In May, Grampus was among the vessels that took part in the campaign to capture Saint Lucia under Rear Admiral Hugh Cloberry Christian and General Ralph Abercromby.

In September, Grampus returned to Britain and was paid off. Two months later she was at Sheerness being fitted as a storeship. Lieutenant Charles Carne recommissioned her in December, with the refitting lasting until February 1797.

===Mutiny===
In April and May the Spithead and Nore mutinies broke out. Grampus was one of the vessels caught up in the disorder, and is named in the proclamation read out on 10 June. The exact date of her arrival at Sheerness, the date of her joining the mutiny, and the date of her crew returning to duty are not known. Still, she was at Sheerness by 16 May. At the time, Grampus was preparing for a voyage to the West Indies. After the reading of the Proclamation on 10 June, the crews of a number of vessels sought to abandon the mutiny. On Grampus a fight broke out between loyalists and mutineers, a fight that the mutineer faction won. Under some reports, the mutineers abandoned her.

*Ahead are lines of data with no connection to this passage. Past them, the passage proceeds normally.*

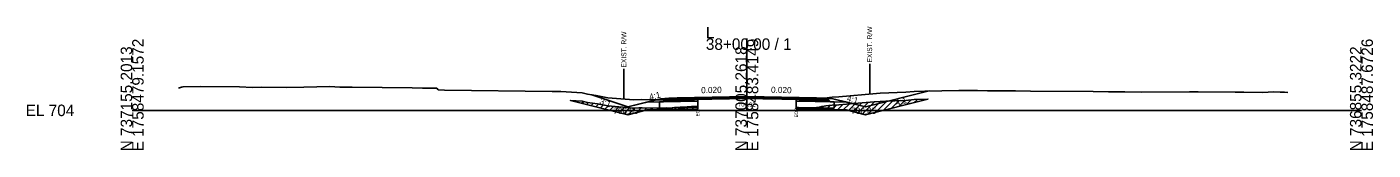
# Model space of a CAD drawing. Extents: x -26 to 4303, y -10 to 9577.
# Drawn here: x 1974.3 to 2302.8, y 7990.3 to 8020.4 of the extents above; entities that cross this region are included whole.
import ezdxf

# ---------------------------------------------------------------- set-up
doc = ezdxf.new("R2010")
doc.units = 0
for name, color, linetype in [('Default', 7, 'Continuous'), ('Exist CMT Pavement', 7, 'Continuous'), ('Old_Level_2', 7, 'Continuous'), ('Pattern 1', 7, 'Continuous'), ('Prop CMT Conc Surface', 7, 'Continuous'), ('Prop CMT Concrete Structures', 7, 'Continuous'), ('Prop CMT Pvmt Course 1', 7, 'Continuous'), ('Prop CMT Pvmt Course 1 CG', 7, 'Continuous'), ('Prop CMT Pvmt Course 1 Wedge', 7, 'Continuous'), ('Prop CMT Pvmt Course 2', 7, 'Continuous'), ('Prop CMT Pvmt Course 2 Wedge', 7, 'Continuous'), ('Prop CMT Pvmt Course 3', 7, 'Continuous'), ('Prop CMT Pvmt Surface', 7, 'Continuous'), ('Prop CMT Pvmt Surface Shoulder', 7, 'Continuous'), ('Prop CMT Pvmt Wedge Surface 1', 7, 'Continuous'), ('Prop CMT Pvmt Wedge Surface 2', 7, 'Continuous'), ('Prop CMT Pvmt Wedge Surface 3', 7, 'Continuous'), ('Prop CMT Shld Paved Course 1', 7, 'Continuous'), ('Prop CMT Shld Paved Course 2', 7, 'Continuous'), ('Prop CMT Shld Paved Course 3', 7, 'Continuous'), ('Prop CMT Slope Grass', 7, 'Continuous'), ('Prop CMT Subgrade Earthwork', 7, 'Continuous'), ('Prop Road Sect_ Recs - UC Shallow (Outline)', 7, 'Continuous'), ('Prop Shade Light', 7, 'Continuous'), ('Prop XS DDE Elevations', 7, 'Continuous'), ('Prop XS Ditch Standard Text', 7, 'Continuous'), ('Prop XS Hydro Elevations', 7, 'Continuous'), ('Prop XS SE Text', 7, 'Continuous'), ('Prop XS Side Slope Text', 7, 'Continuous'), ('Prop XS Wedging', 7, 'Continuous')]:
    doc.layers.add(name, color=color, linetype=linetype)

msp = doc.modelspace()

# ---------------------------------------------------------------- linework, layer by layer
at = {"layer": 'Exist CMT Pavement'}
for points in [[(2150, 8003.39), (2133, 8003.05)], [(2150, 8003.39), (2167, 8003.05)]]:
    msp.add_lwpolyline(points, dxfattribs=at)
at = {"layer": 'Old_Level_2'}
for p, q in [((2150, 8000), (2150, 8017.56)), ((2150, 8000), (2150, 8017.56)), ((2000, 8000), (2150, 8000)), ((2000, 8000), (2150, 8000)), ((2150, 8000), (2300, 8000)), ((2150, 8000), (2300, 8000))]:
    msp.add_line(p, q, dxfattribs=at)
at = {"layer": 'Pattern 1'}
for p, q in [((2107.5, 8002.31), (2107.59, 8002.4)), ((2108.63, 8002.02), (2108.92, 8002.31)), ((2109.76, 8001.74), (2110.19, 8002.17)), ((2110.89, 8001.46), (2111.35, 8001.91)), ((2112.03, 8001.17), (2112.57, 8001.72)), ((2113.16, 8000.89), (2113.79, 8001.52)), ((2114.29, 8000.61), (2114.97, 8001.29)), ((2115.42, 8000.33), (2116.16, 8001.06)), ((2116.55, 8000.04), (2117.46, 8000.95)), ((2117.68, 7999.76), (2118.77, 8000.84)), ((2118.81, 7999.48), (2120.07, 8000.73)), ((2119.95, 7999.19), (2121.37, 8000.62)), ((2121.13, 7998.96), (2122.71, 8000.55)), ((2123.01, 7999.43), (2124.18, 8000.6)), ((2124.9, 7999.91), (2125.58, 8000.59)), ((2126.53, 8000.13), (2126.98, 8000.57)), ((2127.98, 8000.16), (2128.37, 8000.55)), ((2129.42, 8000.19), (2129.8, 8000.57)), ((2130.87, 8000.21), (2131.18, 8000.53)), ((2132.31, 8000.24), (2132.76, 8000.69)), ((2133.75, 8000.27), (2134.26, 8000.78)), ((2135.2, 8000.3), (2135.76, 8000.87)), ((2136.64, 8000.33), (2137.26, 8000.95)), ((2162.45, 8000.35), (2162.79, 8000.68)), ((2163.84, 8000.32), (2164.14, 8000.62)), ((2165.22, 8000.29), (2165.49, 8000.55)), ((2166.61, 8000.26), (2167.01, 8000.66)), ((2168, 8000.24), (2168.74, 8000.98)), ((2169.38, 8000.21), (2170.37, 8001.2)), ((2170.77, 8000.18), (2171.89, 8001.3)), ((2172.16, 8000.15), (2173.42, 8001.41)), ((2173.54, 8000.13), (2174.96, 8001.54)), ((2174.81, 7999.98), (2176.51, 8001.68)), ((2175.94, 7999.7), (2178.05, 8001.81)), ((2177.07, 7999.41), (2179.6, 8001.94)), ((2178.21, 7999.13), (2181.15, 8002.07)), ((2179.56, 7999.07), (2182.64, 8002.15)), ((2181.45, 7999.54), (2184.14, 8002.23)), ((2183.33, 8000.01), (2185.61, 8002.29)), ((2185.22, 8000.49), (2187.08, 8002.35)), ((2187.1, 8000.96), (2188.55, 8002.41)), ((2188.99, 8001.43), (2190.11, 8002.55)), ((2190.87, 8001.9), (2191.62, 8002.65)), ((2192.76, 8002.37), (2193.08, 8002.69))]:
    msp.add_line(p, q, dxfattribs=at)
for points in [[(2121, 7998.93), (2106.95, 8002.44), (2109.85, 8002.25), (2111.1, 8001.95), (2113.56, 8001.56), (2116.11, 8001.07), (2122.43, 8000.53), (2123.61, 8000.58), (2124.44, 8000.61), (2128.09, 8000.55), (2128.69, 8000.55), (2130.35, 8000.58), (2130.73, 8000.55), (2131.5, 8000.51), (2132.33, 8000.67), (2133.74, 8000.75), (2135.42, 8000.85), (2136.48, 8000.91), (2138.01, 8001), (2138.01, 8000.36), (2128.46, 8000.17), (2125.72, 8000.11)], [(2174.28, 8000.11), (2179, 7998.93), (2194.19, 8002.73), (2190.83, 8002.62), (2188.83, 8002.42), (2186.1, 8002.31), (2183.91, 8002.23), (2181.11, 8002.07), (2176.21, 8001.65), (2172.44, 8001.33), (2170.8, 8001.25), (2170.03, 8001.16), (2169.32, 8001.07), (2168.85, 8001), (2168.3, 8000.9), (2167.75, 8000.8), (2167, 8000.66), (2166.22, 8000.52), (2163.78, 8000.64), (2162.63, 8000.69), (2162.06, 8000.71), (2162.06, 8000.35), (2171.3, 8000.17)]]:
    msp.add_lwpolyline(points, close=True, dxfattribs=at)
at = {"layer": 'Prop CMT Conc Surface'}
for points in [[(2138.01, 8002.9), (2133, 8002.8)], [(2133, 8002.8), (2133, 8002.59)], [(2133, 8002.59), (2138.01, 8002.69)], [(2138.01, 8002.69), (2138.01, 8002.9)], [(2162.06, 8002.69), (2162.06, 8002.9)], [(2162.06, 8002.9), (2167, 8002.8)], [(2167, 8002.59), (2162.06, 8002.69)], [(2167, 8002.8), (2167, 8002.59)]]:
    msp.add_lwpolyline(points, dxfattribs=at)
at = {"layer": 'Prop CMT Concrete Structures'}
for points in [[(2150, 8003.27), (2138.01, 8003.03)], [(2150, 8003.27), (2162.06, 8003.03)], [(2133, 8002.8), (2133, 8003.05)], [(2138.01, 8002.9), (2133, 8002.8)], [(2138.01, 8003.03), (2138.01, 8002.9)], [(2162.06, 8003.03), (2162.06, 8002.9)], [(2162.06, 8002.9), (2167, 8002.8)], [(2167, 8002.8), (2167, 8003.05)]]:
    msp.add_lwpolyline(points, dxfattribs=at)
at = {"layer": 'Prop CMT Pvmt Course 1'}
for points in [[(2138.01, 8002.69), (2133, 8002.59)], [(2133, 8002.59), (2133, 8002.26)], [(2133, 8002.26), (2138.01, 8002.36)], [(2138.01, 8002.36), (2138.01, 8002.69)], [(2162.06, 8002.69), (2167, 8002.59)], [(2162.06, 8002.36), (2162.06, 8002.69)], [(2167, 8002.26), (2162.06, 8002.36)], [(2167, 8002.59), (2167, 8002.26)]]:
    msp.add_lwpolyline(points, dxfattribs=at)
at = {"layer": 'Prop CMT Pvmt Course 1 Wedge'}
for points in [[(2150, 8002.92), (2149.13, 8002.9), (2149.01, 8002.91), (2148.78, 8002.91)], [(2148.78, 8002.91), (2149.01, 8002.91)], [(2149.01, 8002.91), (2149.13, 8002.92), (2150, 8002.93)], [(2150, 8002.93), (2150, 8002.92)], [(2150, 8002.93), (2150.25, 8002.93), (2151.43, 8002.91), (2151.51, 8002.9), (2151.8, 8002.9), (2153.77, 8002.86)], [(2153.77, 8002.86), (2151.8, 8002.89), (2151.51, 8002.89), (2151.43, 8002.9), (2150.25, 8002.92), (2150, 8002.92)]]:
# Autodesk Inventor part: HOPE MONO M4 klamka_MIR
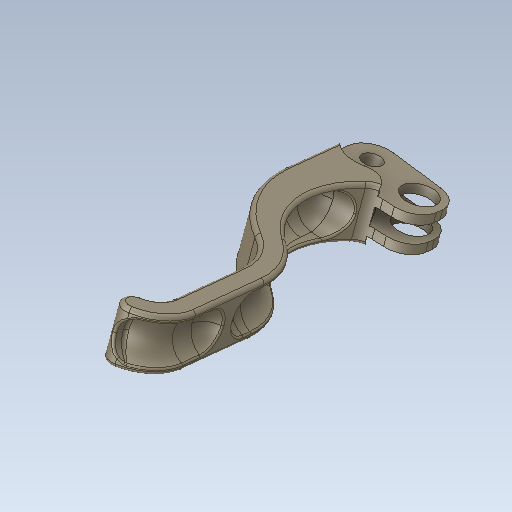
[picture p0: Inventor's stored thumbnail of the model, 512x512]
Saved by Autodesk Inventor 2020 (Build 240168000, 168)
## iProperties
Created: 2015-11
Part Number: HOPE MONO M4 klamka_MIR
Material: Ogólny
Document SubType Name: Modeling
Designer: Tomasz
Density: 1 g/cm^3
Appearance: Domyślna
Sending System: SolidWorks 2017
Last Author: Tomasz
Last Saved: 2017-10-01
Author: Tomasz
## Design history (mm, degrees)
feature "Imported1"
node "Bryła1"
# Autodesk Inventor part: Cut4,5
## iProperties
Created: 2010-10
Part Number: Cut4,5
Document SubType Name: Modeling
Designer: Administrator
Density: 1.4 g/cm^3
Material: PVC-U
Mass: 379.719 g
Surface Area: 342.403 cm^2
Volume: 271.228 cm^3
Author: Administrator
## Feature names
1. Base1
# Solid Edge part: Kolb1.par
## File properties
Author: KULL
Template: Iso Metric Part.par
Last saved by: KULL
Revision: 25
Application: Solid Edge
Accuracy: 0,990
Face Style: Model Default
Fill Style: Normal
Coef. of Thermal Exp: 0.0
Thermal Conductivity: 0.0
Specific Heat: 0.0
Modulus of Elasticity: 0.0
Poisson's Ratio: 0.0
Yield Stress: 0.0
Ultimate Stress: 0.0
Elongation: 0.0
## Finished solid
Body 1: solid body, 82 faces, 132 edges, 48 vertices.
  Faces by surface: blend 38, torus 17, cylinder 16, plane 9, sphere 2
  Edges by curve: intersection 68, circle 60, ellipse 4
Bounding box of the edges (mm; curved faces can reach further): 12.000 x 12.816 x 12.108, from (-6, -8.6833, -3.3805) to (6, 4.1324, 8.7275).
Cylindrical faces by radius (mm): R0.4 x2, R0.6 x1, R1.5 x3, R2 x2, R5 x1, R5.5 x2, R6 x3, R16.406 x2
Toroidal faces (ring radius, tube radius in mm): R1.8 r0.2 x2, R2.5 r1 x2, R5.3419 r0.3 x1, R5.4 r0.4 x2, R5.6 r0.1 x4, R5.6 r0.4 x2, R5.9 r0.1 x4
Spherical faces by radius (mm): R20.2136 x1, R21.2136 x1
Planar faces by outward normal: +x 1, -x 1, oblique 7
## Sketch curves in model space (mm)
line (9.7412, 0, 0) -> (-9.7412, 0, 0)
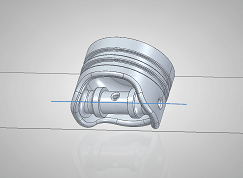
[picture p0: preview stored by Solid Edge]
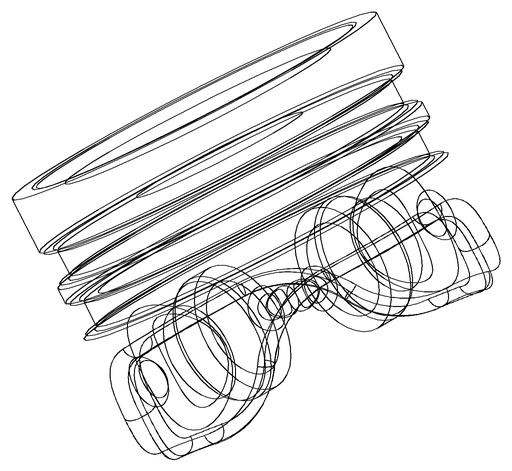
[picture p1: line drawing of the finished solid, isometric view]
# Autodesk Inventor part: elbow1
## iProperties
Shininess: 64.0
Length Units: 11269
Angle Units: 11279
Time Units: 11290
Mass Units: 11283
Length Display Precision: 3
Angle Display Precision: 2
Compacted: True
Part Number: elbow1
Document SubType Name: Modeling
Created: 2003-07
Designer: JB
Density: 0.0
Volumn: 0.0
Area: 0.0
PropertySet Name: Model Information
Control State: 0
Master: False
Checked Out: False
Author: JB
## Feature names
1. Sweep1
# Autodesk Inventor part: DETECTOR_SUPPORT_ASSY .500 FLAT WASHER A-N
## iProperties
Shininess: 64.0
Length Units: 11272
Angle Units: 11279
Time Units: 11290
Mass Units: 11286
Length Display Precision: 3
Angle Display Precision: 2
Compacted: True
Part Number: DETECTOR_SUPPORT_ASSY .500 FLAT WASHER A-N
Document SubType Name: Modeling
Created: 2004-08
Designer: John Blackburn
Material: MILD_STEEL
Manufacturer: Standard
Standards Organization: Custom
Density: 0.0
Volumn: 0.0
Area: 0.0
PropertySet Name: Model Information
Control State: 0
Master: False
Checked Out: False
Author: John Blackburn

The mutineers on the various vessels involved found Grampus particularly useful because as a storeship, stocked for a voyage, she was able to provide them with supplies. Still, after the reading of the proclamation the mutiny collapsed and by mid-June Grampus had returned to Royal Navy control. After the end of the mutiny, five men from Grampus were sentenced to death. Another account reports that three men were condemned to death and two were confined to solitary cells. Grampus then sailed for Jamaica in August. There her crew began a mutiny in the Jamaica squadron.

===Return to service===
In Jamaica, Admiral Hyde Parker, the commander of the station, was concerned that Grampus had brought a disaffected crew that could spread mutiny there too. He identified one agitator, whom he had hanged. By 1798, Grampus was under the command of Captain George Hart, serving as a transport.

==Fate==
On the morning of 19 January 1799, Grampus was in the Thames and under the command of Captain John Hall. She weighed at 7a.m., and took a pilot, Sammuel Richardson, on board. Nevertheless, by 9 a.m. she had grounded on the Barking Shelf. She could not be refloated and so for the next three days work went on to remove her stores, her masts, and whatever else could be salvaged. On 21 January, the decision was made to abandon her, as by then she had 20 ft of water in her hold. The subsequent court martial absolved Captain Hall and his officers and crew of any responsibility, instead blaming Richardson's ignorance.

The wreck proved to be an obstacle to navigation so in April, the Commissioners of the Navy issued a call for proposals to "remove and clear the River Thames of the Wreck of His Majesty's late Ship Grampus, now on Shore on Barking-Shelf, opposite the Powder-Houses". On 12 April 1799, the wreck was set on fire and destroyed.